Hephaestus seemed amused at my surprise. “He only comes off as incompetent. He’s not—”
“Yeah, I know.” I dropped my last rock. “Despite everything, I’m actually kind of glad I got to see him in action. I’ve learned a lot about the finer art of equivocation.”
“You seem happier.” He dropped three rocks, winning the game.
“Oh, I have my moments, but they’re mostly in dreamscapes. It’s the only place I don’t have to pretend, even though I’m still not in my own skin.” I scowled down at Elise’s body. “Out there, I’m okay until I’m not. And then I’m really, really not. Like it all hits and I get . . .” My hand waved as I tried to think of the right word. “Pathetic.”
“It’s good that you have a place to decompress, though.” Hephaestus reset the board. “I know these dreamscapes probably don’t feel like much, but—”
“They’re everything.” I frowned down at the wooden Mancala board, considering my next move. “Is that what it’s like for you?”
“Huh?”
“Ares said that outside of the road trip last year, you pretty much never leave here.” I’d seen this room in real life once before. It had a lot more tech then, but there was no sense in cluttering up a dreamscape with something that wouldn’t work in it. “But then, when you came on the road trip with us, you were all quiet and uncomfortable the whole—”
“What is it with you and the deeply personal questions?”
Why did everyone keep getting so angry when I identified common ground? I flushed, trying to figure out what I’d said wrong. Being created knowing pretty much everything didn’t mean that I understood much. Social codes, in particular, were hard for me to grasp because they so often contradicted each other. But based on what little I did know, I shouldn’t be getting schooled by a god who subsisted on worship from gamers, techies, and internet trolls.
“Sorry.” Hephaestus’s voice sounded gruff. “It wasn’t—it wasn’t because I was homesick or whatever. I just . . . I got tongue-tied, ok
ay? You’re—” He motioned to me. “I mean, not now, but normally, you’re pretty—it’s hard to form coherent thoughts around you.”
“Oh.” That made sense. I was designed to be jaw-dropping, after all. But wait, he was talking in the past tense. “Not anymore?”
Hephaestus shook his head. “Not at all. I mean, don’t get me wrong, Elise isn’t bad-looking. But she’s not so overwhelming that I’m not paying attention to your personality anymore. And now that I am, I don’t like you as much as I thought I did.”

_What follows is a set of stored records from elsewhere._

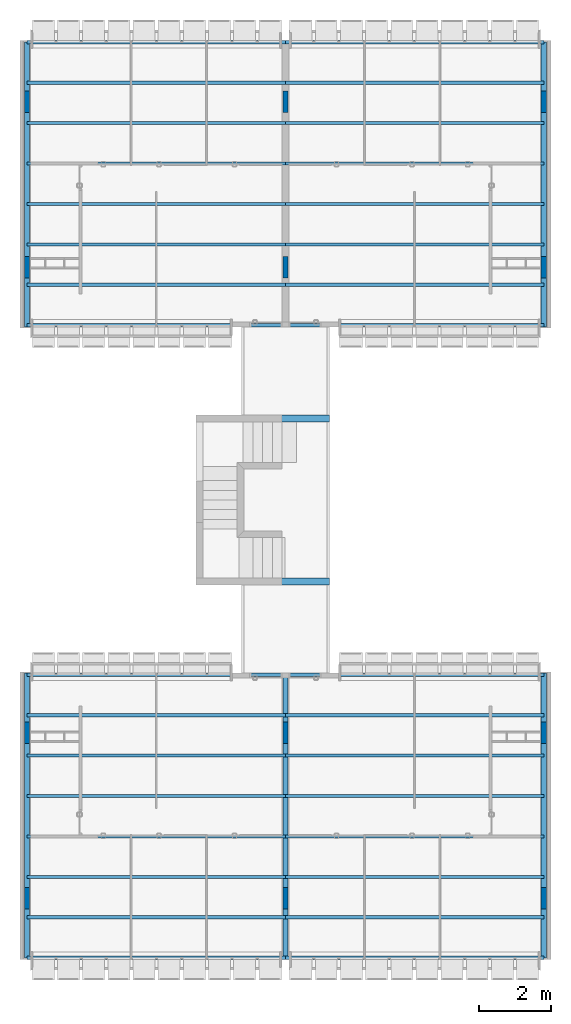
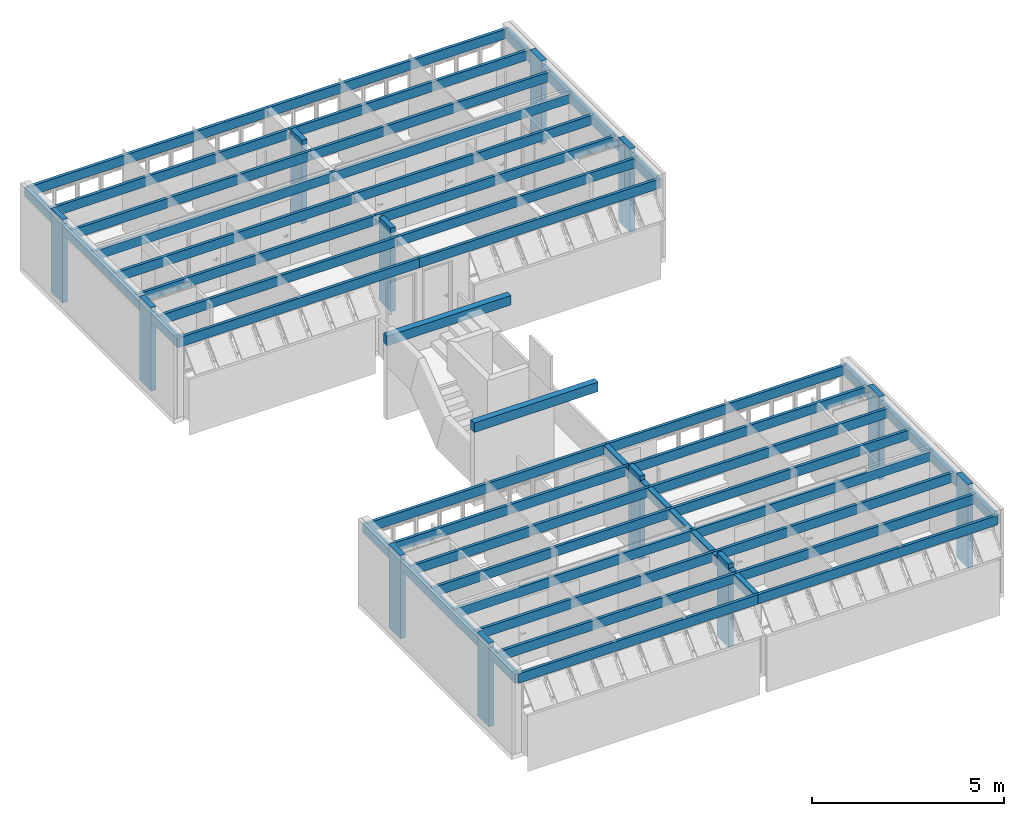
# One storey, part 1 of 41: 39 beams, 12 columns.
"""IFC4 building model written with IfcOpenShell, lengths in millimetres."""

from ifc_helpers import new_model, entity, si_unit, converted_unit, derived_unit, direction, frame, frame_2d, origin_with_axes, origin_2d_with_axis, place, context, subcontext, project, spatial, rectangle, extrude, material, type_object, element, save


model = new_model("IFC4")

# Units and contexts
model_context = context("Model", 3, precision=0.01, world=origin_with_axes(), true_north=direction((0.0, 1.0)))
body_context = subcontext(model_context, "Body", "Model", "MODEL_VIEW")
ifc_project = project(units=[si_unit("LENGTHUNIT", "METRE", prefix="MILLI"), si_unit("AREAUNIT", "SQUARE_METRE"), si_unit("VOLUMEUNIT", "CUBIC_METRE"), converted_unit("PLANEANGLEUNIT", "DEGREE", entity("IfcPlaneAngleMeasure", 0.0174532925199), si_unit("PLANEANGLEUNIT", "RADIAN"), dimensions=[0, 0, 0, 0, 0, 0, 0]), converted_unit("TIMEUNIT", "Year", entity("IfcTimeMeasure", 31556926.0), si_unit("TIMEUNIT", "SECOND"), dimensions=[0, 0, 1, 0, 0, 0, 0]), si_unit("MASSUNIT", "GRAM", prefix="KILO"), si_unit("THERMODYNAMICTEMPERATUREUNIT", "DEGREE_CELSIUS"), si_unit("LUMINOUSINTENSITYUNIT", "LUMEN"), si_unit("ENERGYUNIT", "JOULE", prefix="MEGA"), derived_unit("THERMALCONDUCTANCEUNIT", [(si_unit("POWERUNIT", "WATT"), 1), (si_unit("LENGTHUNIT", "METRE"), -1), (si_unit("THERMODYNAMICTEMPERATUREUNIT", "KELVIN"), -1)]), derived_unit("SPECIFICHEATCAPACITYUNIT", [(si_unit("ENERGYUNIT", "JOULE"), 1), (si_unit("MASSUNIT", "GRAM", prefix="KILO"), -1), (si_unit("THERMODYNAMICTEMPERATUREUNIT", "KELVIN"), -1)]), derived_unit("MASSDENSITYUNIT", [(si_unit("MASSUNIT", "GRAM", prefix="KILO"), 1), (si_unit("VOLUMEUNIT", "CUBIC_METRE"), -1)])], contexts=[model_context])

# Site, building, storey
site_placement = place(None, origin_with_axes())
site = spatial("IfcSite", under=ifc_project, at=site_placement, Name="Local", CompositionType="ELEMENT")
building_placement = place(site_placement, origin_with_axes())
building = spatial("IfcBuilding", under=site, at=building_placement, Name="Construção", CompositionType="ELEMENT")
storey_placement = place(building_placement, frame((0.0, 0.0, 2650.0), z_axis=(0.0, 0.0, 1.0), x_axis=(1.0, 0.0, 0.0)))
storey = spatial("IfcBuildingStorey", under=building, at=storey_placement, Name="Segundo Pavimento", CompositionType="ELEMENT", Elevation=2650.0)

# Columns
ifc_material = material(Name="Concreto Armado Moldado in Loco - Estrutural")
column_type = type_object("IfcColumnType", Name="Concreto Armado Moldado in Loco - Estrutural 600 x 150", PredefinedType="NOTDEFINED")
column_placement = place(storey_placement, frame((7385.0, 19560.0, 0.0), z_axis=(0.0, 0.0, 1.0), x_axis=(0.0, -1.0, 0.0)))
element("IfcColumn", 1, at=column_placement, inside=storey, type_object=column_type, material=ifc_material, Name="CIRC2-PILAR-004", PredefinedType="NOTDEFINED", context=body_context, shape_type="SweptSolid", body=[
    extrude(rectangle(XDim=600.0, YDim=150.0, at=origin_2d_with_axis()), frame((0.0, 0.0, 0.0), z_axis=(0.0, 0.0, -1.0), x_axis=(-1.0, 0.0, 0.0)), (0.0, 0.0, -1.0), 2650.0),
])
for number, where, z_axis, x_axis, name in (
    (2, (195.0, 2000.0, 0.0), (0.0, 0.0, 1.0), (0.0, -1.0, 0.0), "APTO5-PILAR-000"),
    (3, (195.0, 6600.0, 0.0), (0.0, 0.0, 1.0), (0.0, -1.0, 0.0), "APTO5-PILAR-001"),
    (4, (7385.0, 6600.0, 0.0), (0.0, 0.0, 1.0), (0.0, -1.0, 0.0), "CIRC2-PILAR-003"),
):
    element("IfcColumn", number, at=place(storey_placement, frame(where, z_axis=z_axis, x_axis=x_axis)), inside=storey, type_object=column_type, material=ifc_material, Name=name, PredefinedType="NOTDEFINED", context=body_context, shape_type="SweptSolid", body=[
        extrude(rectangle(XDim=600.0, YDim=150.0, at=origin_2d_with_axis()), origin_with_axes(), (0.0, 0.0, 1.0), 2650.0),
    ])
for number, where, z_axis, x_axis, name in (
    (5, (7385.0, 24160.0, 0.0), (0.0, 0.0, 1.0), (0.0, -1.0, 0.0), "CIRC2-PILAR-005"),
    (6, (14575.0, 2000.0, 0.0), (0.0, 0.0, 1.0), (0.0, 1.0, 0.0), "APTO6-PILAR-000"),
    (7, (14575.0, 6600.0, 0.0), (0.0, 0.0, 1.0), (0.0, 1.0, 0.0), "APTO6-PILAR-001"),
    (8, (195.0, 24160.0, 0.0), (0.0, 0.0, 1.0), (0.0, -1.0, 0.0), "APTO7-PILAR-000"),
    (9, (195.0, 19560.0, 0.0), (0.0, 0.0, 1.0), (0.0, -1.0, 0.0), "APTO7-PILAR-001"),
):
    element("IfcColumn", number, at=place(storey_placement, frame(where, z_axis=z_axis, x_axis=x_axis)), inside=storey, type_object=column_type, material=ifc_material, Name=name, PredefinedType="NOTDEFINED", context=body_context, shape_type="SweptSolid", body=[
        extrude(rectangle(XDim=600.0, YDim=150.0, at=origin_2d_with_axis()), frame((0.0, 0.0, 0.0), z_axis=(0.0, 0.0, -1.0), x_axis=(-1.0, 0.0, 0.0)), (0.0, 0.0, -1.0), 2650.0),
    ])
for number, where, z_axis, x_axis, name in (
    (10, (14575.0, 24160.0, 0.0), (0.0, 0.0, 1.0), (0.0, 1.0, 0.0), "APTO8-PILAR-000"),
    (11, (14575.0, 19560.0, 0.0), (0.0, 0.0, 1.0), (0.0, 1.0, 0.0), "APTO8-PILAR-001"),
    (12, (7385.0, 2000.0, 0.0), (0.0, 0.0, 1.0), (0.0, -1.0, 0.0), "CIRC2-PILAR-002"),
):
    element("IfcColumn", number, at=place(storey_placement, frame(where, z_axis=z_axis, x_axis=x_axis)), inside=storey, type_object=column_type, material=ifc_material, Name=name, PredefinedType="NOTDEFINED", context=body_context, shape_type="SweptSolid", body=[
        extrude(rectangle(XDim=600.0, YDim=150.0, at=origin_2d_with_axis()), origin_with_axes(), (0.0, 0.0, 1.0), 2650.0),
    ])

# Beams
beam_type_1 = type_object("IfcBeamType", Name="Concreto Armado Moldado in Loco - Estrutural 150 x 300", PredefinedType="NOTDEFINED")
beam_placement = place(storey_placement, frame((270.0, 8265.0, 2500.0), z_axis=(0.0, 0.0, 1.0), x_axis=(-1.0, 0.0, 0.0)))
element("IfcBeam", 13, at=beam_placement, inside=storey, type_object=beam_type_1, material=ifc_material, Name="APTO5-VIGA-009", PredefinedType="NOTDEFINED", context=body_context, shape_type="SweptSolid", body=[
    extrude(rectangle(XDim=300.0, YDim=150.0, at=frame_2d((-150.0, 75.0), x_axis=(1.0, 0.0))), frame((0.0, 0.0, 0.0), z_axis=(0.0, 1.0, 0.0), x_axis=(0.0, 0.0, 1.0)), (0.0, 0.0, 1.0), 7929.97902127),
])
for number, where, z_axis, x_axis, name in (
    (14, (14500.0, 8265.0, 2500.0), (0.0, 0.0, 1.0), (-1.0, 0.0, 0.0), "APTO6-VIGA-009"),
    (15, (270.0, 17895.0, 2500.0), (0.0, 0.0, 1.0), (1.0, 0.0, 0.0), "APTO7-VIGA-009"),
):
    element("IfcBeam", number, at=place(storey_placement, frame(where, z_axis=z_axis, x_axis=x_axis)), inside=storey, type_object=beam_type_1, material=ifc_material, Name=name, PredefinedType="NOTDEFINED", context=body_context, shape_type="SweptSolid", body=[
        extrude(rectangle(XDim=300.0, YDim=150.0, at=frame_2d((-150.0, -75.0), x_axis=(1.0, 0.0))), frame((0.0, 0.0, 0.0), z_axis=(0.0, 1.0, 0.0), x_axis=(0.0, 0.0, 1.0)), (0.0, 0.0, 1.0), 7929.97902127),
    ])
for number, where, z_axis, x_axis, name in (
    (16, (14500.0, 17895.0, 2500.0), (0.0, 0.0, 1.0), (1.0, 0.0, 0.0), "APTO8-VIGA-009"),
    (17, (7460.0, 8265.0, 2500.0), (0.0, 0.0, 1.0), (-1.0, 0.0, 0.0), "CIRC2-VIGA-012"),
):
    element("IfcBeam", number, at=place(storey_placement, frame(where, z_axis=z_axis, x_axis=x_axis)), inside=storey, type_object=beam_type_1, material=ifc_material, Name=name, PredefinedType="NOTDEFINED", context=body_context, shape_type="SweptSolid", body=[
        extrude(rectangle(XDim=300.0, YDim=150.0, at=frame_2d((-150.0, 75.0), x_axis=(1.0, 0.0))), frame((0.0, 0.0, 0.0), z_axis=(0.0, 1.0, 0.0), x_axis=(0.0, 0.0, 1.0)), (0.0, 0.0, 1.0), 7929.97902127),
    ])
beam_type_2 = type_object("IfcBeamType", Name="Concreto Armado Moldado in Loco - Estrutural 90 x 300", PredefinedType="NOTDEFINED")
for number, where, z_axis, x_axis, name in (
    (18, (195.0, 390.0, 2500.0), (0.0, 0.0, 1.0), (0.0, -1.0, 0.0), "APTO5-VIGA-001"),
    (19, (195.0, 1515.0, 2500.0), (0.0, 0.0, 1.0), (0.0, -1.0, 0.0), "APTO5-VIGA-002"),
    (20, (195.0, 2640.0, 2500.0), (0.0, 0.0, 1.0), (0.0, -1.0, 0.0), "APTO5-VIGA-003"),
    (21, (195.0, 3765.2195667, 2500.0), (0.0, 0.0, 1.0), (0.0, -1.0, 0.0), "APTO5-VIGA-004"),
    (22, (195.0, 4890.0, 2500.0), (0.0, 0.0, 1.0), (0.0, -1.0, 0.0), "APTO5-VIGA-005"),
    (23, (195.0, 8265.0, 2500.0), (0.0, 0.0, 1.0), (0.0, -1.0, 0.0), "APTO5-VIGA-008"),
    (24, (195.0, 6015.0, 2500.0), (0.0, 0.0, 1.0), (0.0, -1.0, 0.0), "APTO5-VIGA-006"),
    (25, (195.0, 7140.0, 2500.0), (0.0, 0.0, 1.0), (0.0, -1.0, 0.0), "APTO5-VIGA-007"),
):
    element("IfcBeam", number, at=place(storey_placement, frame(where, z_axis=z_axis, x_axis=x_axis)), inside=storey, type_object=beam_type_2, material=ifc_material, Name=name, PredefinedType="NOTDEFINED", context=body_context, shape_type="SweptSolid", body=[
        extrude(rectangle(XDim=300.0, YDim=90.0, at=frame_2d((-150.0, 45.0), x_axis=(1.0, 0.0))), frame((0.0, 0.0, 0.0), z_axis=(0.0, 1.0, 0.0), x_axis=(0.0, 0.0, 1.0)), (0.0, 0.0, 1.0), 7190.0),
    ])
for number, where, z_axis, x_axis, name in (
    (26, (14575.0, 390.0, 2500.0), (0.0, 0.0, 1.0), (0.0, 1.0, 0.0), "APTO6-VIGA-001"),
    (27, (14575.0, 1515.0, 2500.0), (0.0, 0.0, 1.0), (0.0, 1.0, 0.0), "APTO6-VIGA-002"),
    (28, (14575.0, 2640.0, 2500.0), (0.0, 0.0, 1.0), (0.0, 1.0, 0.0), "APTO6-VIGA-003"),
    (29, (14575.0, 3765.2195667, 2500.0), (0.0, 0.0, 1.0), (0.0, 1.0, 0.0), "APTO6-VIGA-004"),
    (30, (14575.0, 4890.0, 2500.0), (0.0, 0.0, 1.0), (0.0, 1.0, 0.0), "APTO6-VIGA-005"),
    (31, (14575.0, 8265.0, 2500.0), (0.0, 0.0, 1.0), (0.0, 1.0, 0.0), "APTO6-VIGA-008"),
    (32, (14575.0, 6015.0, 2500.0), (0.0, 0.0, 1.0), (0.0, 1.0, 0.0), "APTO6-VIGA-006"),
    (33, (14575.0, 7140.0, 2500.0), (0.0, 0.0, 1.0), (0.0, 1.0, 0.0), "APTO6-VIGA-007"),
    (34, (195.0, 25770.0, 2500.0), (0.0, 0.0, 1.0), (0.0, -1.0, 0.0), "APTO7-VIGA-001"),
    (35, (195.0, 24645.0, 2500.0), (0.0, 0.0, 1.0), (0.0, -1.0, 0.0), "APTO7-VIGA-002"),
    (36, (195.0, 23520.0, 2500.0), (0.0, 0.0, 1.0), (0.0, -1.0, 0.0), "APTO7-VIGA-003"),
    (37, (195.0, 22394.7804333, 2500.0), (0.0, 0.0, 1.0), (0.0, -1.0, 0.0), "APTO7-VIGA-004"),
    (38, (195.0, 21270.0, 2500.0), (0.0, 0.0, 1.0), (0.0, -1.0, 0.0), "APTO7-VIGA-005"),
    (39, (195.0, 17895.0, 2500.0), (0.0, 0.0, 1.0), (0.0, -1.0, 0.0), "APTO7-VIGA-008"),
    (40, (195.0, 20145.0, 2500.0), (0.0, 0.0, 1.0), (0.0, -1.0, 0.0), "APTO7-VIGA-006"),
    (41, (195.0, 19020.0, 2500.0), (0.0, 0.0, 1.0), (0.0, -1.0, 0.0), "APTO7-VIGA-007"),
):
    element("IfcBeam", number, at=place(storey_placement, frame(where, z_axis=z_axis, x_axis=x_axis)), inside=storey, type_object=beam_type_2, material=ifc_material, Name=name, PredefinedType="NOTDEFINED", context=body_context, shape_type="SweptSolid", body=[
        extrude(rectangle(XDim=300.0, YDim=90.0, at=frame_2d((-150.0, -45.0), x_axis=(1.0, 0.0))), frame((0.0, 0.0, 0.0), z_axis=(0.0, 1.0, 0.0), x_axis=(0.0, 0.0, 1.0)), (0.0, 0.0, 1.0), 7190.0),
    ])
for number, where, z_axis, x_axis, name in (
    (42, (14575.0, 25770.0, 2500.0), (0.0, 0.0, 1.0), (0.0, 1.0, 0.0), "APTO8-VIGA-001"),
    (43, (14575.0, 24645.0, 2500.0), (0.0, 0.0, 1.0), (0.0, 1.0, 0.0), "APTO8-VIGA-002"),
    (44, (14575.0, 23520.0, 2500.0), (0.0, 0.0, 1.0), (0.0, 1.0, 0.0), "APTO8-VIGA-003"),
    (45, (14575.0, 22394.7804333, 2500.0), (0.0, 0.0, 1.0), (0.0, 1.0, 0.0), "APTO8-VIGA-004"),
    (46, (14575.0, 21270.0, 2500.0), (0.0, 0.0, 1.0), (0.0, 1.0, 0.0), "APTO8-VIGA-005"),
    (47, (14575.0, 17895.0, 2500.0), (0.0, 0.0, 1.0), (0.0, 1.0, 0.0), "APTO8-VIGA-008"),
    (48, (14575.0, 20145.0, 2500.0), (0.0, 0.0, 1.0), (0.0, 1.0, 0.0), "APTO8-VIGA-006"),
    (49, (14575.0, 19020.0, 2500.0), (0.0, 0.0, 1.0), (0.0, 1.0, 0.0), "APTO8-VIGA-007"),
):
    element("IfcBeam", number, at=place(storey_placement, frame(where, z_axis=z_axis, x_axis=x_axis)), inside=storey, type_object=beam_type_2, material=ifc_material, Name=name, PredefinedType="NOTDEFINED", context=body_context, shape_type="SweptSolid", body=[
        extrude(rectangle(XDim=300.0, YDim=90.0, at=frame_2d((-150.0, 45.0), x_axis=(1.0, 0.0))), frame((0.0, 0.0, 0.0), z_axis=(0.0, 1.0, 0.0), x_axis=(0.0, 0.0, 1.0)), (0.0, 0.0, 1.0), 7190.0),
    ])
beam_type_3 = type_object("IfcBeamType", Name="Concreto Armado Moldado in Loco - Estrutural 190 x 300", PredefinedType="NOTDEFINED")
for number, where, z_axis, x_axis, name in (
    (50, (4890.0, 10815.0, 2350.0), (0.0, 0.0, 1.0), (0.0, -1.0, 0.0), "CIRC2-VIGA-010"),
    (51, (4890.0, 15345.0, 2350.0), (0.0, 0.0, 1.0), (0.0, -1.0, 0.0), "CIRC2-VIGA-011"),
):
    element("IfcBeam", number, at=place(storey_placement, frame(where, z_axis=z_axis, x_axis=x_axis)), inside=storey, type_object=beam_type_3, material=ifc_material, Name=name, PredefinedType="NOTDEFINED", context=body_context, shape_type="SweptSolid", body=[
        extrude(rectangle(XDim=300.0, YDim=190.0, at=origin_2d_with_axis()), frame((0.0, 0.0, 0.0), z_axis=(0.0, 1.0, 0.0), x_axis=(0.0, 0.0, 1.0)), (0.0, 0.0, 1.0), 3720.0),
    ])

save(model, "model.ifc")

My mouth dropped open. Did he just say what I think he—The dreamscape shuddered. “Is it morning?”
Hephaestus shook his head. “Must be something going on. Be careful.”
ARES SHOOK ME out of the dreamscape, an expression of delight on his face. “It’s raining.”
I practically leapt out of bed. “Let’s go.”
When I moved toward the balcony, Ares grabbed my hand and tugged me toward the front door. “The view’s better on the beach.”
There were fewer people to wake up, too. I paused to slide on a pair of flip-flops, and then we ran, laughing like mad, all the way down to the beach.
Despite all the bad blood between them, Persephone and Poseidon made one beautiful storm. Rain fell from the sky in sheets. Thunder rumbled in the distance as jagged lightning lanced through the sky. When it struck the shield, the entire barrier shimmered in white light.
Ares whooped, shouting back at the thunder, his arms spread wide. “It’s hers!” The wind whipped his words away so fast I almost couldn’t catch them. “This is hers!”
I understood exactly what he meant. Every storm we’d celebrated before were governed by laws of nature, set in place by Zeus and his siblings long before the rest of us were created. We could celebrate that he no longer took power in those storms, that people’s awe and fear of them no longer translated to his worship. But this was the first time since his death that the power of the sky had been intentionally triggered. This was Persephone’s storm. And it wouldn’t be possible if Zeus wasn’t dead.